SHIVERS and ZEHMER, JJ., concur.
NOTES
[1] 21 points were scored for severe victim injury.
[2] With credit for 200 days served.
[3] The following reasons for departure have been considered valid by this court:
The recommended sentence is insufficient for retribution, rehabilitation or deterrence, Chaplin v. State, 488 So. 2d 555 (Fla. 1st DCA 1986); Joyal v.
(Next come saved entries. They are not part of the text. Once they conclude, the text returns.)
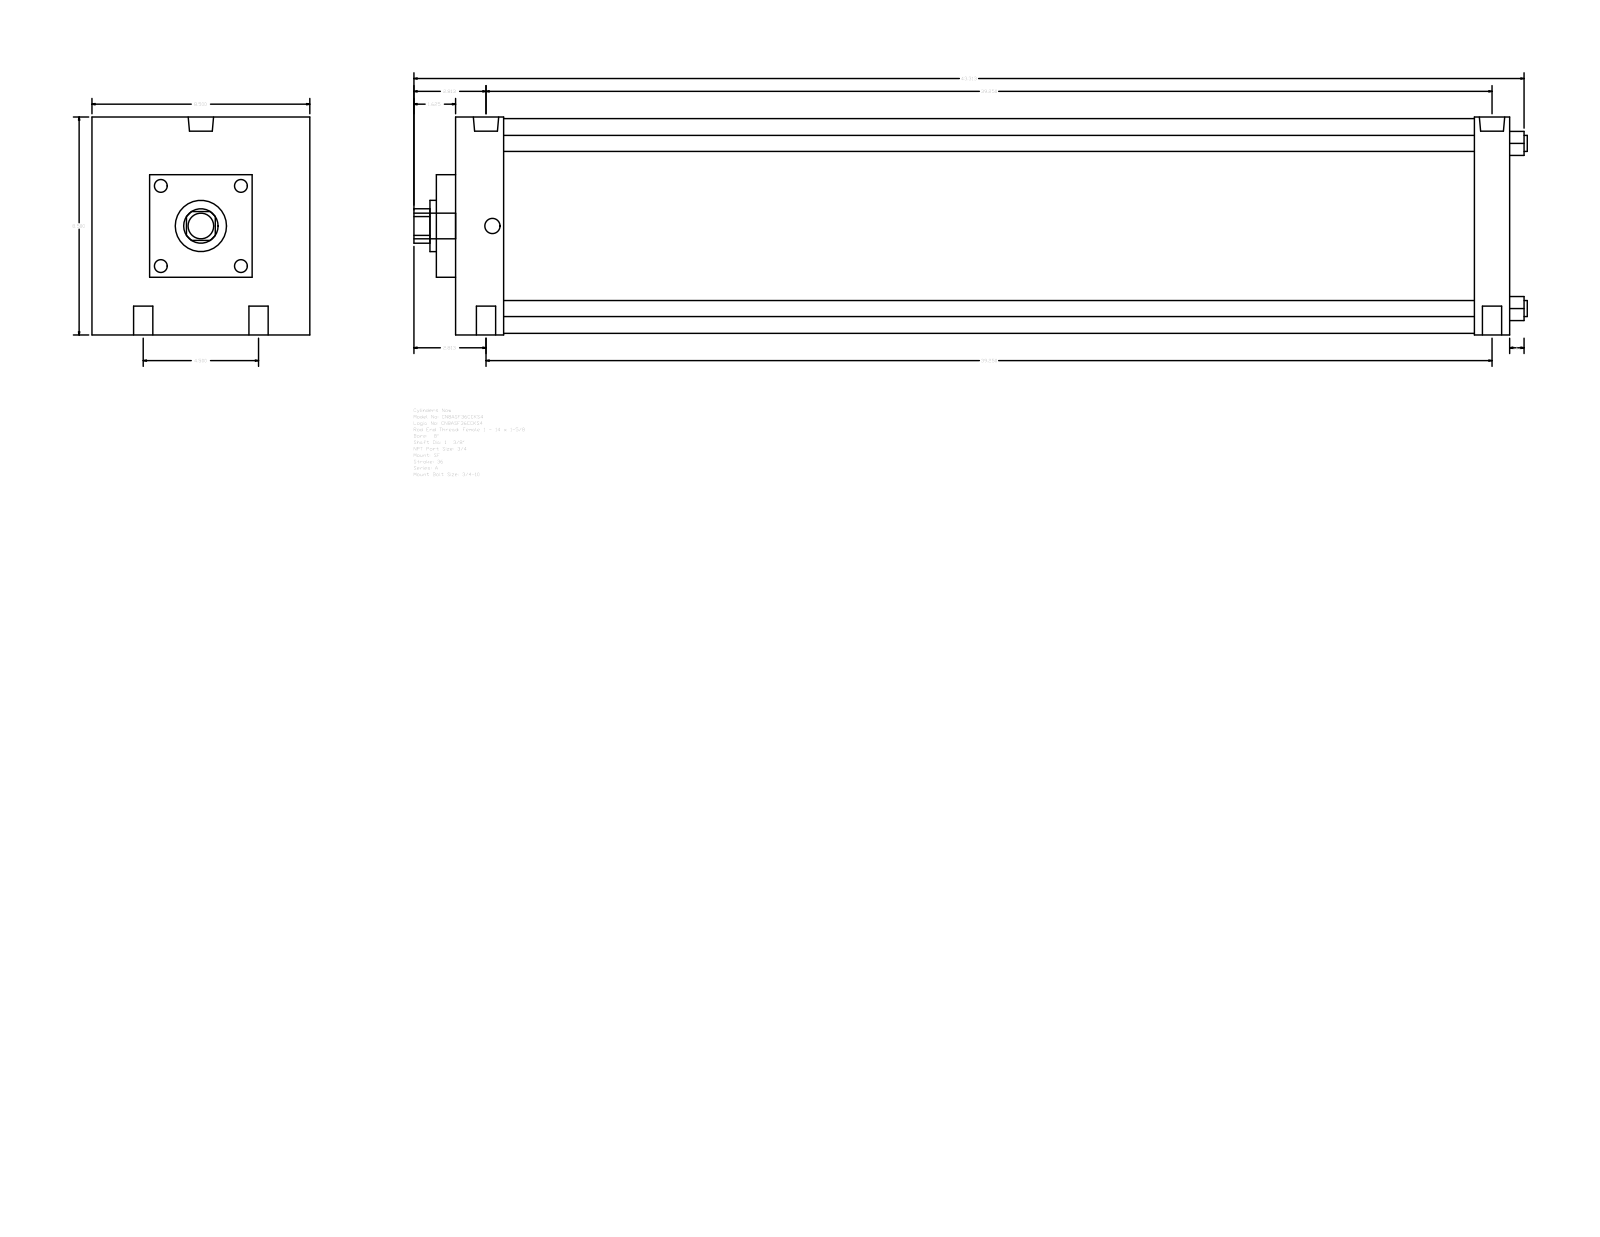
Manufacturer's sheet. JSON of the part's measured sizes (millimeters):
{"part_name": "A_SF__0800_1.375", "step_written_by": "GSSL Pune (CONFIG_CONTROL_DESIGN)", "units": "millimeters", "bodies": {"solids": 0, "faces": 93, "planar": 67, "cylindrical": 26, "other": 0}, "overall_size": [1103.31, 215.9, 215.9], "round_holes": [[19.05, 4], [15.08, 2], [25.12, 2], [34.92, 1], [50.8, 1]], "round_bosses_or_shafts": [[15.88, 4], [212.72, 1], [25.4, 1]], "partial_cylinders_radius": [[17.06, 1]], "face_to_face_distances": [1044.58, 215.9, 47.63, 1009.65, 962.02, 996.95, 34.93, 19.04, 66.67, 1028.69], "hole_center_spacings": [57.15, 998.59, 996.95, 114.3, 1003.48, 984.25]}
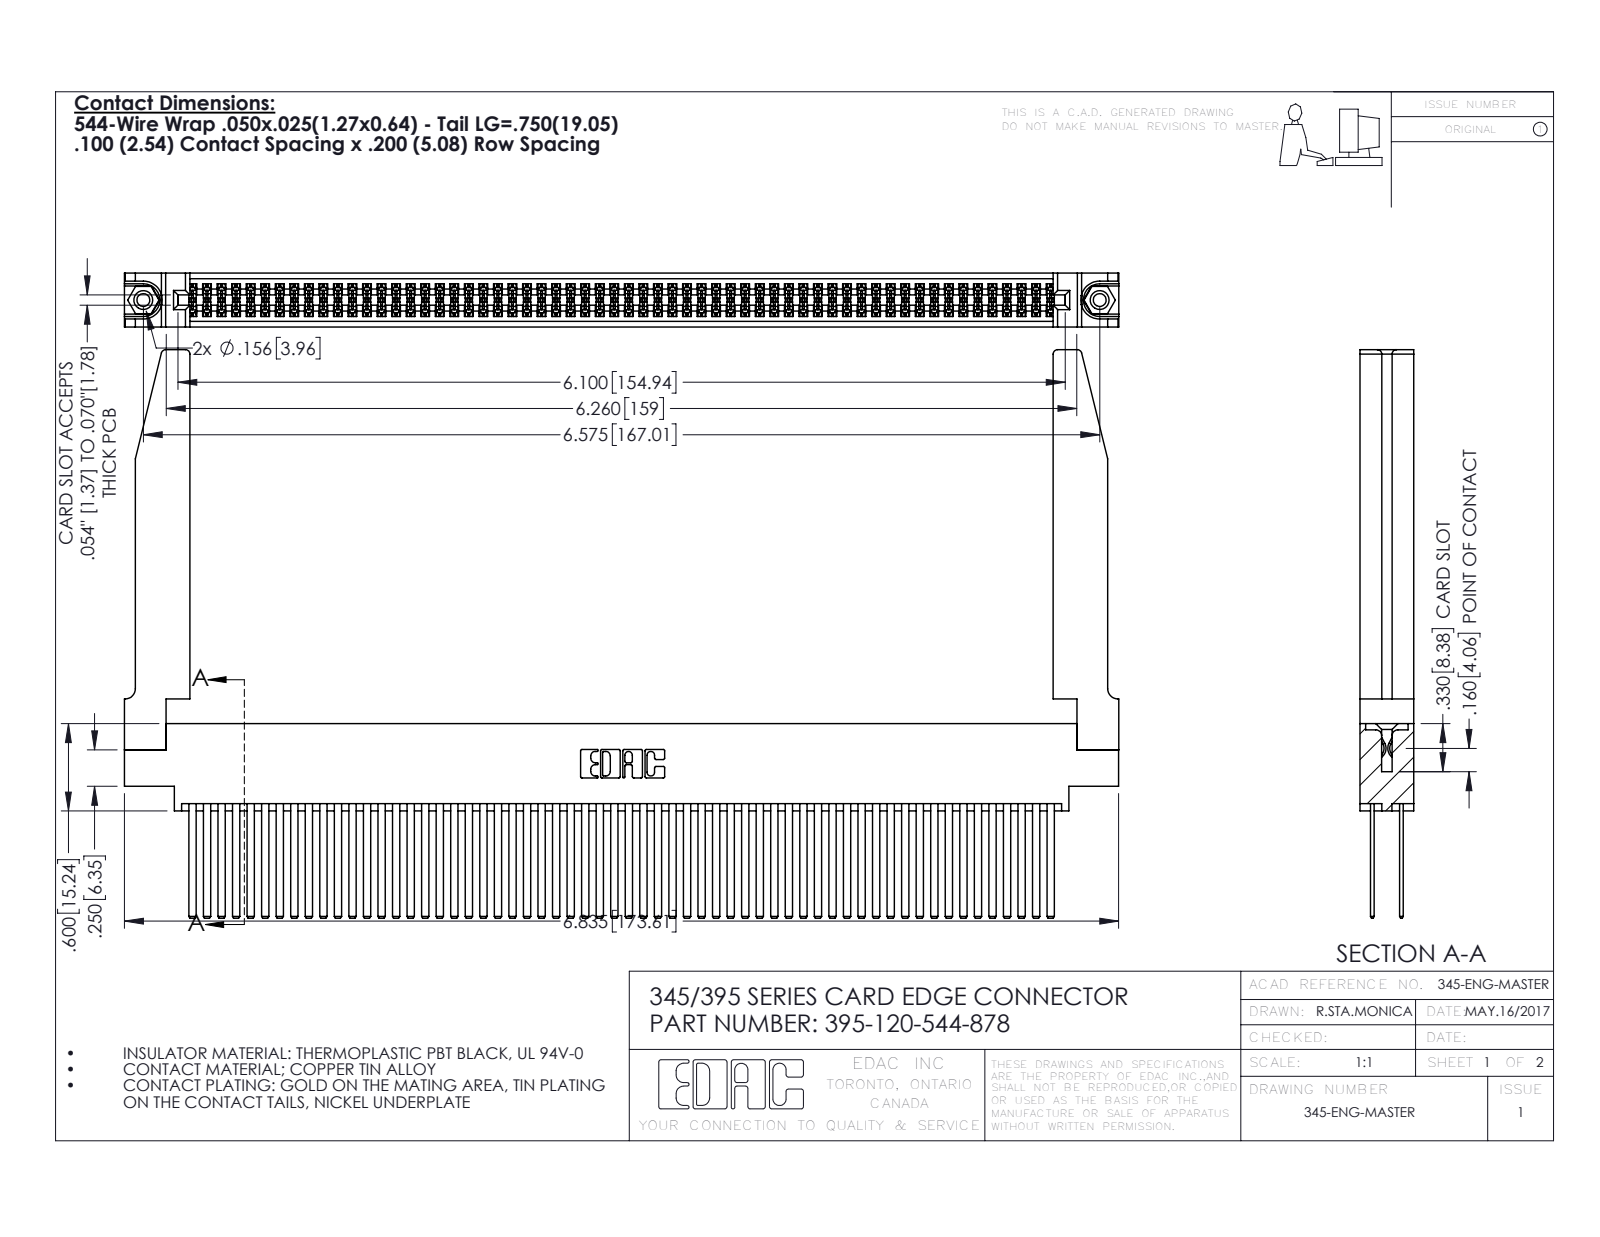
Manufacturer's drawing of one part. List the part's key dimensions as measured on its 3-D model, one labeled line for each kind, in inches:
Part name (STEP PRODUCT): 395-120-544-878; 345-250-001_345-250-001-102; 345 Part_0.170 Offset - 0.156 Dia-TH; 345-292-001_345-293-144 (+1 more)
STEP written by: SolidWorks 2016 (CONFIG_CONTROL_DESIGN)
Units: inches
Bodies: 125 solids, 5644 faces (3706 planar, 1886 cylindrical, 52 other)
Overall size (bounding box): 6.836 × 3.907 × 0.37
Volume: 1.609 in³ · Surface area: 61.63 in²
Round holes (diameter × count): ⌀0.089 ×2, ⌀0.125 ×2, ⌀0.156 ×2, ⌀0.064 ×1
Round bosses / shafts (diameter × count): ⌀0.155 ×2
Partial cylindrical surfaces — rounded edges, fillets, slot ends (radius × count): R0.006 ×180, R0.01 ×22, R0.03 ×8, R0.007 ×6, R0.031 ×6, R0.026 ×3, R0.014 ×2, R0.019 ×2
Main face-to-face distances: 0.072, 0.298, 0.098, 0.272, 0.025, 0.2, 0.37, 0.225, 0.175, 0.148
Hole centre spacings: 0.27, 6.339, 6.575
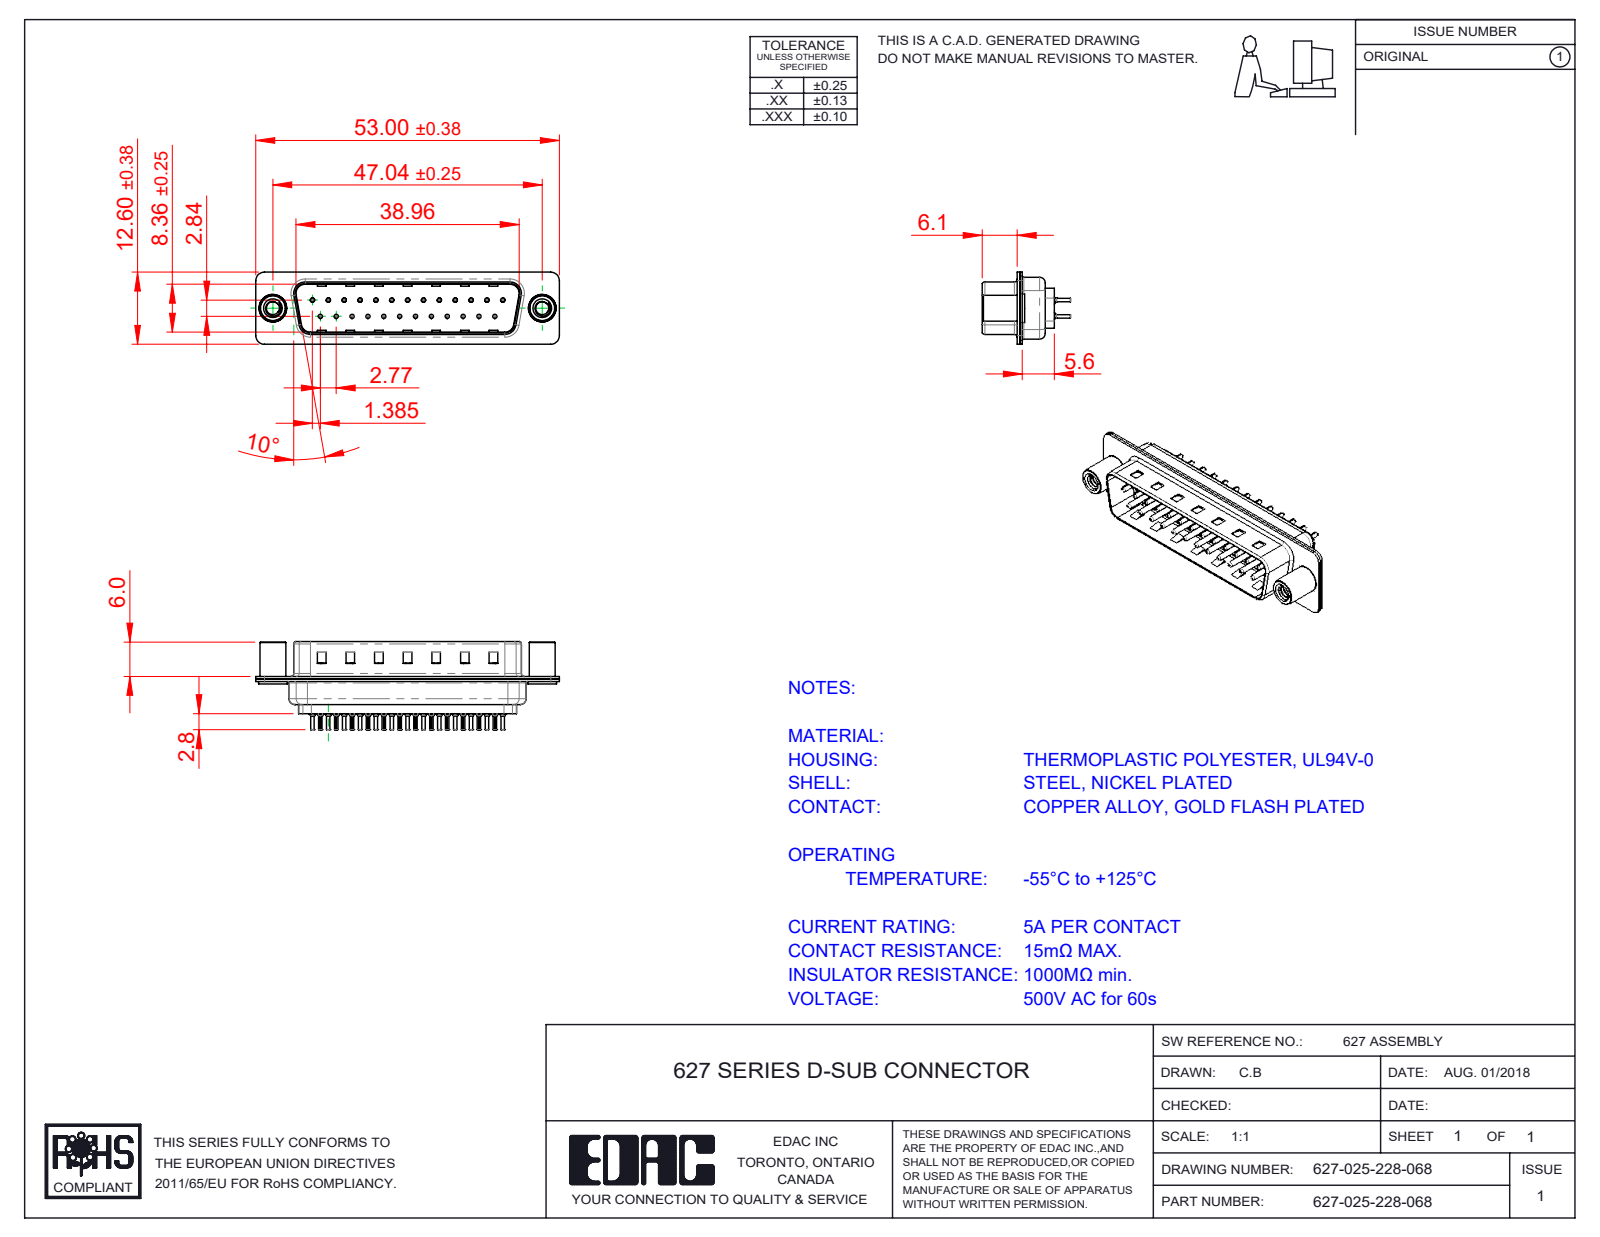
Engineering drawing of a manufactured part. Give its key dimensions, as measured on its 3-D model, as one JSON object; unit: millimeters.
{"part_name": "627 Contact Row 2_28L; 627 4-40 Threaded Standoff; 627 Shell Front_25 Contacts; 627-025-228-068 (+3 more)", "step_written_by": "SolidWorks 2020 (CONFIG_CONTROL_DESIGN)", "units": "millimeters", "bodies": {"solids": 31, "faces": 2921, "planar": 779, "cylindrical": 1145, "other": 997}, "overall_size": [53, 18.8, 12.6], "volume_mm3": 3341, "surface_area_mm2": 9119, "round_holes": [[0.2, 25], [0.35, 25], [1.1, 25], [1.6, 25], [2.26, 2], [4, 2], [4.8, 2]], "round_bosses_or_shafts": [[2, 25], [1.5, 25], [0.75, 25], [0.6, 25], [5, 2], [4.9, 2], [4.5, 2]], "partial_cylinders_radius": [[0.1, 50], [1.5, 16], [2, 12], [0.5, 8], [1.6, 8], [0.25, 4], [0.6, 4], [0.65, 4]], "face_to_face_distances": [0.4, 0.45, 6.05, 0.82, 9.58, 8.4, 0.9, 1.5, 0.68, 7.68], "hole_center_spacings": [3.16, 2.77, 5.54, 8.31, 11.08, 13.85, 5.04, 7.49]}

State, 488 So. 2d 611 (Fla. 1st DCA 1986); The defendant has shown a flagrant disregard of the laws and the guidelines sentence is inadequate to deter him from further criminal activity, Simmons v. State, 483 So. 2d 530 (Fla. 1st DCA 1986);
Defendant is an ongoing danger to society, not likely to be rehabilitated, Moore v. State, 483 So. 2d 37 (Fla. 1st DCA 1986);
A narrative of frequent contacts with the criminal justice system, which the court found to be more than a mere reference to the defendant's prior record, Williams v. State, 484 So. 2d 71 (Fla. 1st DCA 1986).
However, the following reasons for departure have been considered invalid by this court:
The guidelines inadequately reflect the serious nature of the charge and the danger to the community in general, Cortez v. State, 488 So. 2d 163 (Fla. 1st DCA 1986);
The defendant had previously been sentenced to prison and had not been rehabilitated, Fain v. State, 488 So. 2d 169 (Fla. 1st DCA 1986); Prior history indicates rehabilitation not possible, protection of society requires restraint, Harris v. State, 489 So. 2d 838 (Fla. 1st DCA 1986);
A pattern of conduct (prior history of theft and dishonest behavior) rendering the defendant a continuing and serious threat to the community, Riggins v. State, 489 So. 2d 180 (Fla. 1st DCA 1986);
Prior felony incarceration (tied to prior conviction factored in scoresheet), Cummings v. State, 489 So. 2d 121 (Fla. 1st DCA 1986);
The defendant has not demonstrated the ability to govern himself by the laws, Chaplin v. State, 488 So. 2d 555 (Fla. 1st DCA 1986);
Defendant's inability to conform his behavior to acceptable norms, Brooks v. State, 487 So. 2d 68 (Fla. 1st DCA 1986);
A pattern of conduct rendering the defendant a threat to the community, Casteel v. State, 481 So. 2d 72 (Fla. 1st DCA 1986);
A significant prior record, Battles v. State, 483 So. 2d 849 (Fla. 1st DCA 1986);
An extensive arrest record and numerous prior convictions, Cason v. State, 481 So. 2d 1006 (Fla. 1st DCA 1986);
"Chances for rehabilitation are nil", Scobee v. State, 488 So. 2d 595 (Fla. 1st DCA 1986).